Data Analysis

Andrey Shestakov (avshestakov@hse.ru)

Dimention Reduction. PCA. t-SNE.¹

^{1. Some materials are taken from machine learning course of Victor Kitov}

Let's recall previous lecture¶

Feature selection¶

4 feature selection approaches
why?
- increase predictive accuracy of classifier
- improve optimization stability by removing multicollinearity
- increase computational efficiency
- reduce cost of future data collection
- make classifier more interpretable

Feature Selection vs.
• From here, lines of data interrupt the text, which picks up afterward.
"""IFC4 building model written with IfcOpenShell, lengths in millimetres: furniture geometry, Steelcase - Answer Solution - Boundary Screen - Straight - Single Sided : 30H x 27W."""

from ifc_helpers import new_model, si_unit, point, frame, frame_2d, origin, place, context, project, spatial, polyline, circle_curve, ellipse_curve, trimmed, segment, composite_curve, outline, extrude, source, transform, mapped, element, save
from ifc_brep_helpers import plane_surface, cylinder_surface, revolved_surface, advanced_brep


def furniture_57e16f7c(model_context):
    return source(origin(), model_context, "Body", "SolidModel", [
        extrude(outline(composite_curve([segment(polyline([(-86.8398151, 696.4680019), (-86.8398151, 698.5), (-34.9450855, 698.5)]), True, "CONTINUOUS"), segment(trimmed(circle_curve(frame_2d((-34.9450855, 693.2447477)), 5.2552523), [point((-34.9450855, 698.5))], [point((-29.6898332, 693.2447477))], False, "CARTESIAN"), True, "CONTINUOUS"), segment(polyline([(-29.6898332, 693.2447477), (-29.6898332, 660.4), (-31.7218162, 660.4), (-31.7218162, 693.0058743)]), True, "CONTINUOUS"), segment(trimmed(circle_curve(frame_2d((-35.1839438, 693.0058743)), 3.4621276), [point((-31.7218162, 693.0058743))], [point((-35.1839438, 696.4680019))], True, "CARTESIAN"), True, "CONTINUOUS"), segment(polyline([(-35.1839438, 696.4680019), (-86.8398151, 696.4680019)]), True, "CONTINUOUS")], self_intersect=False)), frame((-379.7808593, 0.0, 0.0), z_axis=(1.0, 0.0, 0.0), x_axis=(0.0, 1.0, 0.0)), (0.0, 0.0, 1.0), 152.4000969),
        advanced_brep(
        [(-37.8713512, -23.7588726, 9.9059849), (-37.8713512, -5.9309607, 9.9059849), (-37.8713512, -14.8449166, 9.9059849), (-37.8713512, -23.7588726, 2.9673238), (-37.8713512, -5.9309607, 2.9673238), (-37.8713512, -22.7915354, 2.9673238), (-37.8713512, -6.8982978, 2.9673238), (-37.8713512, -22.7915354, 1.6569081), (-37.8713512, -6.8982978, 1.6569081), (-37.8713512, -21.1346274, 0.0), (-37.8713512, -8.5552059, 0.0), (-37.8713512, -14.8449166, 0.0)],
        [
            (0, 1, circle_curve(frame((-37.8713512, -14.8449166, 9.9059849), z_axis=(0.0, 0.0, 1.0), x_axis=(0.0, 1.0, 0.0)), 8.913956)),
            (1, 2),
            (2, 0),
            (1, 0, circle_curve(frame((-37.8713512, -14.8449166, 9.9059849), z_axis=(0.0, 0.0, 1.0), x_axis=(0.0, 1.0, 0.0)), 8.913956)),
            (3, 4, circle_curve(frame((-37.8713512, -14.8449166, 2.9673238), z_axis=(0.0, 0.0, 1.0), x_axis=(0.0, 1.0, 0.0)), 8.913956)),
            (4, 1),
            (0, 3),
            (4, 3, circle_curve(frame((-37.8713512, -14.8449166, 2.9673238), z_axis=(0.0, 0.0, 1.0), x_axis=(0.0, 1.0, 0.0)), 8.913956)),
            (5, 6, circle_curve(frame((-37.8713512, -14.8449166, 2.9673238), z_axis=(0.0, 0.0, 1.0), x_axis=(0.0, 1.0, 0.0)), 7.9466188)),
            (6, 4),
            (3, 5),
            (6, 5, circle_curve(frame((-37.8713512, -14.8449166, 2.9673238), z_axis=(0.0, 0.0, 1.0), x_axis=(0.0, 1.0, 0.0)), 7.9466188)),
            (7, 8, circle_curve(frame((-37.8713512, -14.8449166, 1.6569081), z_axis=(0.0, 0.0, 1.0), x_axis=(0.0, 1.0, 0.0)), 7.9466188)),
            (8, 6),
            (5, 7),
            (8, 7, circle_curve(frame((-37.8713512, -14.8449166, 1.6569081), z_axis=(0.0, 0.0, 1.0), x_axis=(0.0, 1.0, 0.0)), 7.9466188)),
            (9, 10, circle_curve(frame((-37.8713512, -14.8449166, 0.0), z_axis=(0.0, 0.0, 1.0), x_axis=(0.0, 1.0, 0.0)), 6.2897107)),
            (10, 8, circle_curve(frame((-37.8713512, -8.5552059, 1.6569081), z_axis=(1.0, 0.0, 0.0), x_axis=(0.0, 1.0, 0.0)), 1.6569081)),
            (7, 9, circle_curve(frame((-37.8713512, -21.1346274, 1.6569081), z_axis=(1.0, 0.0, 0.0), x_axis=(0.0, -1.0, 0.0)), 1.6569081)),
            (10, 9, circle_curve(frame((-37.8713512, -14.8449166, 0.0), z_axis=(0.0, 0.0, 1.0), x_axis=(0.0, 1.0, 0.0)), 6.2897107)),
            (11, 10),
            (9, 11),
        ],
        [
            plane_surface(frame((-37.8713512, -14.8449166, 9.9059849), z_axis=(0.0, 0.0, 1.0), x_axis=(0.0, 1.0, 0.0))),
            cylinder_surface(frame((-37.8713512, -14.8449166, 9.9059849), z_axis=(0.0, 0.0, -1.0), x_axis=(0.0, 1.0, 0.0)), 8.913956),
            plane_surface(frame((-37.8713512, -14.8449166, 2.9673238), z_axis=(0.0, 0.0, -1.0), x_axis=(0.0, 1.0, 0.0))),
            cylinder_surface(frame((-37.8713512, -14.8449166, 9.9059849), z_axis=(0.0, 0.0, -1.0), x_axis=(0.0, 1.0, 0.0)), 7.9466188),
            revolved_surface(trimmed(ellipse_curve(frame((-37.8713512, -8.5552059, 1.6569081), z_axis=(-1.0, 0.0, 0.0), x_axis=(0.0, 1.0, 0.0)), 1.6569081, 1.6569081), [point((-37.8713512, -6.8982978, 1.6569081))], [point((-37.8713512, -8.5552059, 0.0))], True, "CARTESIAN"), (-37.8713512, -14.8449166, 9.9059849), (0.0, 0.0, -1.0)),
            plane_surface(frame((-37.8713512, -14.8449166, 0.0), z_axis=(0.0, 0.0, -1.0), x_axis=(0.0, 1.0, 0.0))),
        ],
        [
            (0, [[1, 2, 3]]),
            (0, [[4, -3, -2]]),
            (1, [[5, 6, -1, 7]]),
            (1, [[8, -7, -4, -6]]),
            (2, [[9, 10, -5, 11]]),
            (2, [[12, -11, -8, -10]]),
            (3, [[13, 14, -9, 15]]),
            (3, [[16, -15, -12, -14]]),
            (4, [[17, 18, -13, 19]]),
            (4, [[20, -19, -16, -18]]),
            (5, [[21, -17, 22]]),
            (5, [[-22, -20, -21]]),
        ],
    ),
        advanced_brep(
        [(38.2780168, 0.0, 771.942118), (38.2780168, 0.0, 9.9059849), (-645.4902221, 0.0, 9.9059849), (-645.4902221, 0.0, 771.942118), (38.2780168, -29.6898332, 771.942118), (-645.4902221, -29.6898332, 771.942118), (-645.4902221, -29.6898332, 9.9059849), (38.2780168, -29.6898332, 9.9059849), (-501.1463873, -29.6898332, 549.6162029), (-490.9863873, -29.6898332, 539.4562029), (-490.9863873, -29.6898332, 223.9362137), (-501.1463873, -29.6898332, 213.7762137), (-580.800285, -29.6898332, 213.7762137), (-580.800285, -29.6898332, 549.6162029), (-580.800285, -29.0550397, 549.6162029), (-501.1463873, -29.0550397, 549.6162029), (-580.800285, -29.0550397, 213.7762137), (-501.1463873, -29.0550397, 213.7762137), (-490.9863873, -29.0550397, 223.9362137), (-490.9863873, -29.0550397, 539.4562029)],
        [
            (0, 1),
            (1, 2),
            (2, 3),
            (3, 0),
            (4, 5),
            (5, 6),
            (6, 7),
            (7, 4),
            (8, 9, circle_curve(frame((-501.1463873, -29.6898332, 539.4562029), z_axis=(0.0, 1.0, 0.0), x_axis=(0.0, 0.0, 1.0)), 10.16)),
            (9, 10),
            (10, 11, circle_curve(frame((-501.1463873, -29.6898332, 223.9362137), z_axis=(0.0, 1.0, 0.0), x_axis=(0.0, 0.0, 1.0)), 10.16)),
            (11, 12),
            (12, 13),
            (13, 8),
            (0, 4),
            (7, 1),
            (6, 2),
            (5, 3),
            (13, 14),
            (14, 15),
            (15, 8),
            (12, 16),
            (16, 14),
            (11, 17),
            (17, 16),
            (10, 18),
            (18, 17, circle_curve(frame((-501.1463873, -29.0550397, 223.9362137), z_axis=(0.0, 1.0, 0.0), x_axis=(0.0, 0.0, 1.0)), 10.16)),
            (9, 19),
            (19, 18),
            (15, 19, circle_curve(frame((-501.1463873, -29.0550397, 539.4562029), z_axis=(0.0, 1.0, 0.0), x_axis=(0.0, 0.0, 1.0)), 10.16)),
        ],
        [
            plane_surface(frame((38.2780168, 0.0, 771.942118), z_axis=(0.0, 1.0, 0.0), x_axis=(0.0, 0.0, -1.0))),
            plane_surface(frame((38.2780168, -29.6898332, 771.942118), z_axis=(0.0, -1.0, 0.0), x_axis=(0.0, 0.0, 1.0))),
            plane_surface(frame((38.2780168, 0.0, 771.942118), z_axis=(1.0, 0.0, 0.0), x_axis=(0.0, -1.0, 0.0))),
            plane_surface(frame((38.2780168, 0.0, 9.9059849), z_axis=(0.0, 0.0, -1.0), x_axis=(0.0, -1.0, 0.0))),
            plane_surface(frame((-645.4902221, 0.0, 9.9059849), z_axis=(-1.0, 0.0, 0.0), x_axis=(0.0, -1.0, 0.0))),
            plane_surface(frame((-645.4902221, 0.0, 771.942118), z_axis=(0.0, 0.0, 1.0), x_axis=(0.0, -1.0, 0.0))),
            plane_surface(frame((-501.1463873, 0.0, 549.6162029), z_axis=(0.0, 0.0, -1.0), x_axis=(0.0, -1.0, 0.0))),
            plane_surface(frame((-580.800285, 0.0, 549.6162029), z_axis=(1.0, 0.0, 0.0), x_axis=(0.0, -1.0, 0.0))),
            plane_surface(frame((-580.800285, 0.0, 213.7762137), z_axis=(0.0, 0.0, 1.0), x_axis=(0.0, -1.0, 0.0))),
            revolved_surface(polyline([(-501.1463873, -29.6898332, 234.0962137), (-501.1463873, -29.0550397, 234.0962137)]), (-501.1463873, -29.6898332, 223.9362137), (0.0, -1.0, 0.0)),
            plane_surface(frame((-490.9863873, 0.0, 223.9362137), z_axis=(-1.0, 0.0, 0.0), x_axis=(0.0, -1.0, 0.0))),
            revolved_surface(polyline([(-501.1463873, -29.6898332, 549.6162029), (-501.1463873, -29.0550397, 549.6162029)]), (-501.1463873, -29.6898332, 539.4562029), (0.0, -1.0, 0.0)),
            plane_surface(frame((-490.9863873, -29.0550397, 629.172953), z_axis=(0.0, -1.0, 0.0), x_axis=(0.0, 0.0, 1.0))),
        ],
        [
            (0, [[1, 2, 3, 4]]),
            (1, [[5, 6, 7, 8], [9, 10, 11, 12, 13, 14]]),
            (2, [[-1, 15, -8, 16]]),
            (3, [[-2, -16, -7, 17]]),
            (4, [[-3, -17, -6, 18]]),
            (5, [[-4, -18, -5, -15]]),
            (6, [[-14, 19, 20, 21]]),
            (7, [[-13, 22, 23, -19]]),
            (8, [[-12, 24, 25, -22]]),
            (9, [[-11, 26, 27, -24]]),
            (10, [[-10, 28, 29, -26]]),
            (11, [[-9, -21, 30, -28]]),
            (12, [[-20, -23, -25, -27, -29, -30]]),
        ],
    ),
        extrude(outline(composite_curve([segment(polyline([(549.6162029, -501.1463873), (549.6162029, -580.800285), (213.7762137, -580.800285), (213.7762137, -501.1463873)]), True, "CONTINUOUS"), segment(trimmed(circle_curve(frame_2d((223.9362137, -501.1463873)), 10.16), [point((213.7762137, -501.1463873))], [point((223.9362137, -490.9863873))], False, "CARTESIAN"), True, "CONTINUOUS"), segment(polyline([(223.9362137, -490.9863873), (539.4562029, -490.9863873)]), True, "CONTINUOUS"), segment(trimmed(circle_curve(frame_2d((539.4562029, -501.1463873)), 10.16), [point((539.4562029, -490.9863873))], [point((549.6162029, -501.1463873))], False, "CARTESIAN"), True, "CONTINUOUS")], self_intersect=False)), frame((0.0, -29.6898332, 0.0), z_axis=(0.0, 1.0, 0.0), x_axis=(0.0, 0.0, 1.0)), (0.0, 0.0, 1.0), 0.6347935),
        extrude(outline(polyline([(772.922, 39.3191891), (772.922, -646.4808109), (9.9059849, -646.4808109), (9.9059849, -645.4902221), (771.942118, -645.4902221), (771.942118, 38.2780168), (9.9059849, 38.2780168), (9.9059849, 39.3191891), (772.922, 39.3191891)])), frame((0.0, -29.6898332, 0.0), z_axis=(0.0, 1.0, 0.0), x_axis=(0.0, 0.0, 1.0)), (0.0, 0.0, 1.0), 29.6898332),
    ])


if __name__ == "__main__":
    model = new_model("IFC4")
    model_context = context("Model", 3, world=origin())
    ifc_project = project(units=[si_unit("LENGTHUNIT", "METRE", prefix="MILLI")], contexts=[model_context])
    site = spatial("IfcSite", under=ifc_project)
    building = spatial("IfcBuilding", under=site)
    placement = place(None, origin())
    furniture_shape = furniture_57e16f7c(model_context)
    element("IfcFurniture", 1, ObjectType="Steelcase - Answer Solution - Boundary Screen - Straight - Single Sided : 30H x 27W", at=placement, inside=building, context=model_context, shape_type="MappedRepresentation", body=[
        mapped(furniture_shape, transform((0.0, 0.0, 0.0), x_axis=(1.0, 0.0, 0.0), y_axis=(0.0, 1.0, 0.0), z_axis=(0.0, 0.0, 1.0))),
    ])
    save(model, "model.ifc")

Feature Extraction¶

Principal Component Analysis (PCA)¶

PCA¶

Intuition 1: Find directions along which our datapoints have the greatest variance

PCA¶

Intuition 2: Find a subspace $L$ (of lesser dimention) s.t. the sum of squares of differences between points and their projections is minimized

Best hyperplane fit¶

For point $x$ and subspace $L$ denote:

$p$: the projection of $x$ on $L$
$h$: orthogonal complement
$x=p+h$, $\langle p,h\rangle=0$,

Proposition¶

$\|x\|^2 = \|p\|^2 + \|h\|^2$

For training set $x_{1},x_{2},...x_{N}$ and subspace $L$ we can find:

projections: $p_{1},p_{2},...p_{N}$
orthogonal complements: $h_{1},h_{2},...h_{N}$.

Best subspace fit¶

Definition¶

Best-fit $k$-dimentional subspace for a set of points $x_1 \dots x_N$ is a subspace, spanned by $k$ vectors $v_1$, $v_2$, $\dots$, $v_k$, solving

$$ \sum_{n=1}^N \| h_n \| ^2 \rightarrow \min\limits_{v_1, v_2,\dots,v_k}$$

$$ \sum_{n=1}^N \| p_n \| ^2 \rightarrow \max\limits_{v_1, v_2,\dots,v_k}$$

Definition of PCA¶

Principal components $a_1, a_2, \dots, a_k$ are vectors, forming orthonormal basis in the k-dimentional subspace of best fit

Properties¶

Not invariant to translation:
- center data before PCA: $$ x\leftarrow x-\mu\text{ where }\mu=\frac{1}{N}\sum_{n=1}^{N}x_{n} $$
Not invariant to scaling:
- scale features to have unit variance before PCA

Example: line of best fit¶

In PCA the sum of squared perpendicular distances to line is minimized:

What is the difference with least squares minimization in regression?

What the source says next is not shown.